Introduction

The spleen is the second most frequent organ involved in blunt abdominal trauma (13%) after the liver (16%) [1]. Delayed splenic vascular injury (DSVI) and delayed active extravasation (DAE) are reported to occur, respectively, in 3–23% and 1.5% of blunt splenic injuries (BSI) [2,3,4,5]. Non-operative management (NOM) of blunt splenic trauma is the treatment of choice for hemodynamically stable patients in an optimal setting in which monitoring and frequent clinical evaluations are possible, and an operating room is available for urgent laparotomy. The advantages of NOM of spleen injuries are well recognized.
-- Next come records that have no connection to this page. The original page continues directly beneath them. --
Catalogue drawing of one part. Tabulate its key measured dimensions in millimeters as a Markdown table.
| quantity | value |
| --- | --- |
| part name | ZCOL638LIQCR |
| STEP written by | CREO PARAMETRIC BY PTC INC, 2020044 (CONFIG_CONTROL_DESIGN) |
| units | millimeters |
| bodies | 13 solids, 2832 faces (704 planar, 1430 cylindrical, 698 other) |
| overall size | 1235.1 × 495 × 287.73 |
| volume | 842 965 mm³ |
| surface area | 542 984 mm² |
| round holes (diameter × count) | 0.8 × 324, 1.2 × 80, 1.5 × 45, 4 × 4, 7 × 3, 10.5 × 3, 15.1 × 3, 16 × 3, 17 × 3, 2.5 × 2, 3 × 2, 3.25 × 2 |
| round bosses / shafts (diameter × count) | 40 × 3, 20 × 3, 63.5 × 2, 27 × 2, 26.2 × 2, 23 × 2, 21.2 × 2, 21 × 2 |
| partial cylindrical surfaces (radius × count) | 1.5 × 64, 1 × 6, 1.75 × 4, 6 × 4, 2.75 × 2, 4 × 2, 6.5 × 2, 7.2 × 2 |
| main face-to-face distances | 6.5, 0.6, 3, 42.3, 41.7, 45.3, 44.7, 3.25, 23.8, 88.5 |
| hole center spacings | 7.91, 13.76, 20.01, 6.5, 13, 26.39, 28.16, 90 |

NOM allows the preservation of spleen role in immune system, reducing the risk of future infections, the most serious of which are part of the overwhelming post-splenectomy infection (OPSI) syndrome. It avoids a hypercoagulable state and thromboembolic complications, and it allows earlier discharge and a costs reduction [6]. Moreover, a previous study demonstrated that preserving the spleen allows a reduction in cancer incidence [7]. Delayed splenic rupture is a life-threatening injury complication, and it is thought that it could be related to the rupture of a pseudoaneurysm (PSA), clot disruption or expansion of a subcapsular hematoma [4, 8, 9]. There are different classifications of spleen trauma injury grade; the American Association for the Surgery of Trauma (AAST)—spleen Injury Scale (SIS) is the most used [10] (Table 1). According to the Western Trauma Association (WTA) algorithm, in all patients with AAST-SIS grade II or higher-grade injuries a repeat imaging may be considered before hospital discharge to rule out PSA formation [11].

Table 1 AAST Spleen injury scale (1994 revision) [10]
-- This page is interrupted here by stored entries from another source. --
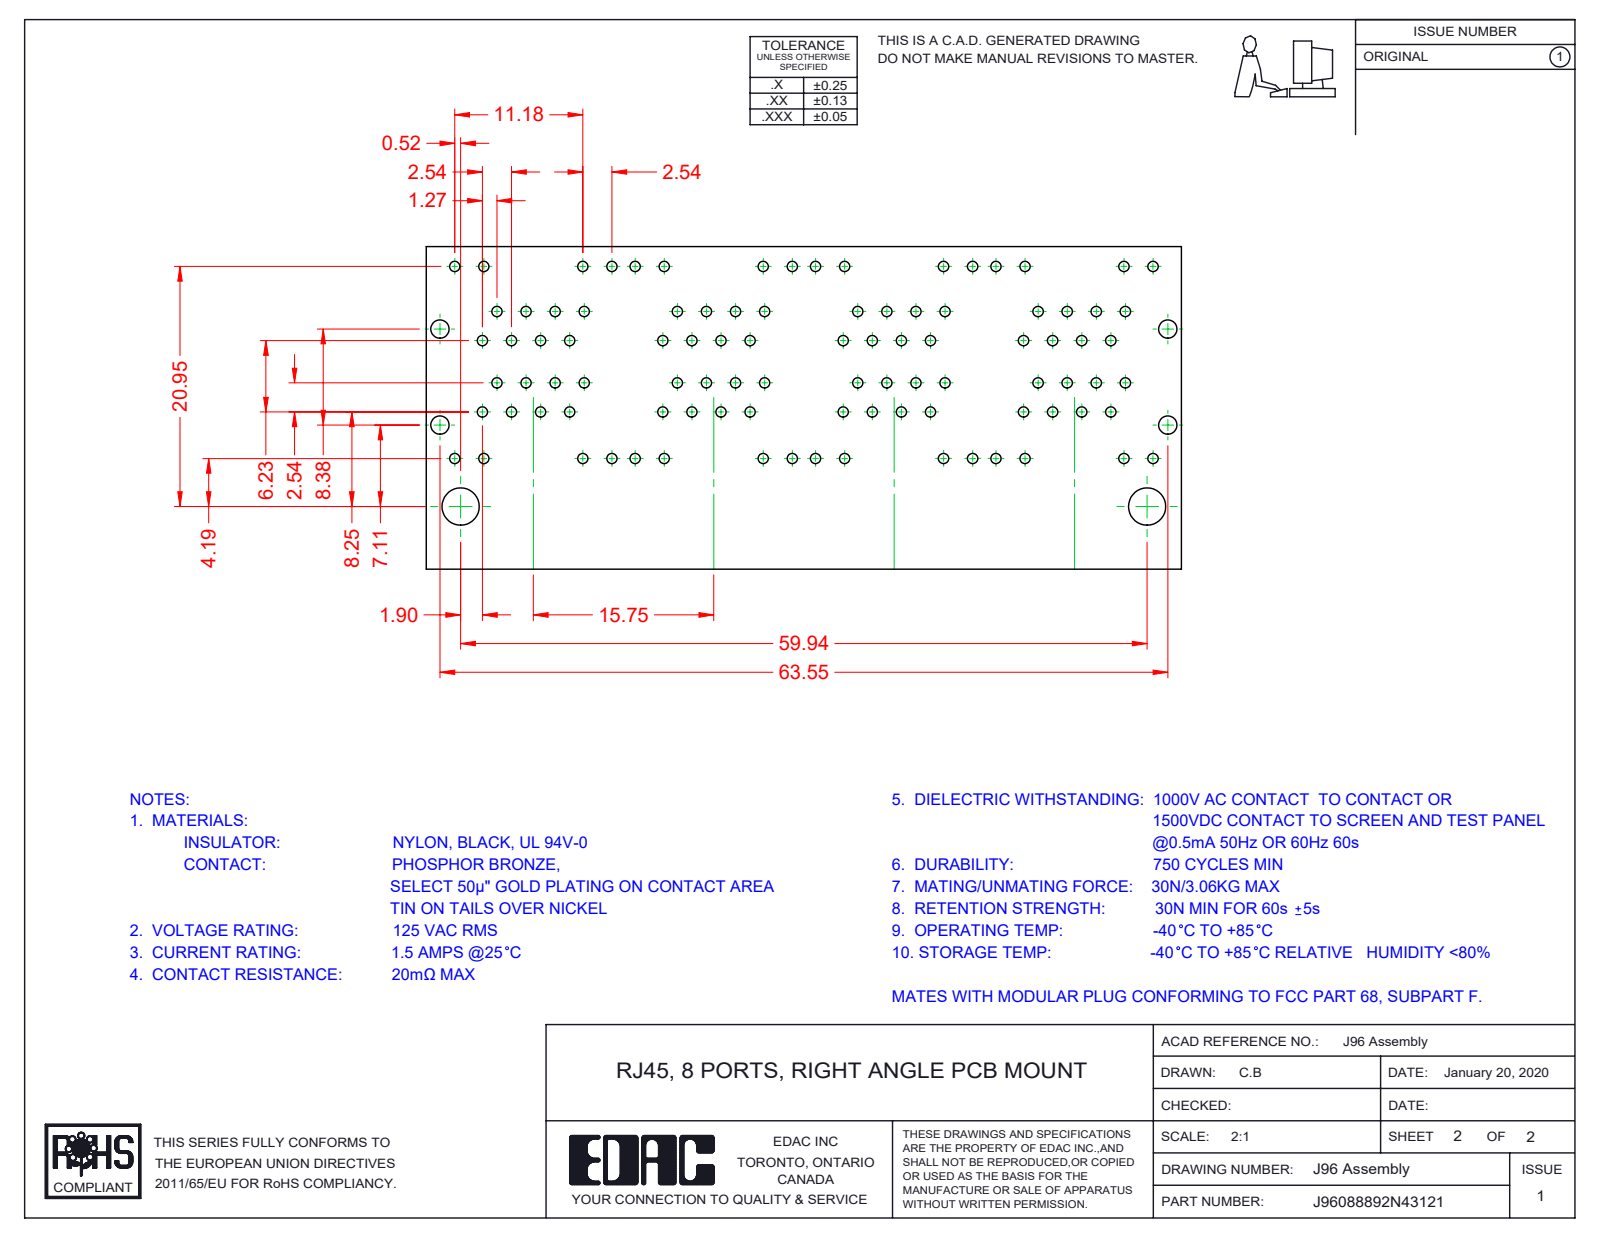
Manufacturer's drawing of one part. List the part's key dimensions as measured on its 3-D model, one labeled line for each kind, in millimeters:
Part name (STEP PRODUCT): 96 Grounding_8 Ports; 96 LED LH Upper_4-Orange; 96 Insulator_8 Ports; 96 Insulator Insert (+8 more)
STEP written by: SolidWorks 2016 (CONFIG_CONTROL_DESIGN)
Units: millimetres
Bodies: 96 solids, 7642 faces (6069 planar, 1307 cylindrical, 266 other)
Overall size (bounding box): 64.05 × 29.58 × 28.68
Volume: 24 160 mm³ · Surface area: 63 658 mm²
Round holes (diameter × count): ⌀1.7 ×3
Round bosses / shafts (diameter × count): ⌀1.68 ×3
Partial cylindrical surfaces — rounded edges, fillets, slot ends (radius × count): R0.25 ×124, R0.35 ×73, R1 ×72, R0.5 ×49, R0.91 ×32, R0.2 ×21, R0.7 ×11, R0.22 ×8
Main face-to-face distances: 15.75, 0.35, 9.95, 1.17, 1.6, 0.54, 9.98, 10.18, 12.67, 3.37
Hole centre spacings: 15.75, 31.5

Conventional ultrasound (US), contrast-enhanced ultrasound (CEUS) and CT are used to assess patients with blunt abdominal trauma. Conventional US is generally used in the early assessment of polytrauma patients in order to assess intra-abdominal free fluid, a technique known as focused assessment with sonography for trauma (FAST). However, the literature provides evidence of the low US sensitivity in diagnosing spleen injury [12]. In adult patients, CT is the most used imaging modality in spleen injury follow-up, but CEUS is a promising alternative imaging modality in this field [13]. According to EFSUMB guidelines, CEUS can be used in the follow-up of conservatively managed abdominal trauma to reduce the number of CT examinations, particularly in children [14]. According to the World Society of Emergency Surgery (WSES) guidelines, CT scan repetition during the admission should be considered in adult patients with an initial diagnosis of moderate lesions (hemodynamically stable AAST-SIS grade III-V lesions) as well as when there is lowering hematocrit levels, vascular anomalies, underlying splenic pathology or coagulopathy, and in neurologically impaired patients. In the last three situations, additional CT follow-up is suggested after discharge. According to the same guidelines, CEUS follow-up seems reasonable to minimize the risk of life-threatening hemorrhage and associated complications in children [15]. During spleen injury follow-up, two main complications could develop: DAE and DSVI [16,17,18]. DSVI are splenic-contained vascular injuries, and consist of pseudoaneurysm (PSA) and post-traumatic arteriovenous fistula (AVF): These two entities are usually indistinguishable by means of CEUS or CT [19,20,21]. Previous studies showed that CEUS detection rate for active extravasation was not different from that of contrast-enhanced CT [16, 22]. Another study demonstrated a high sensitivity (83%) and specificity (92%) of CEUS at detection of post-traumatic liver and splenic PSA in the pediatric population [23].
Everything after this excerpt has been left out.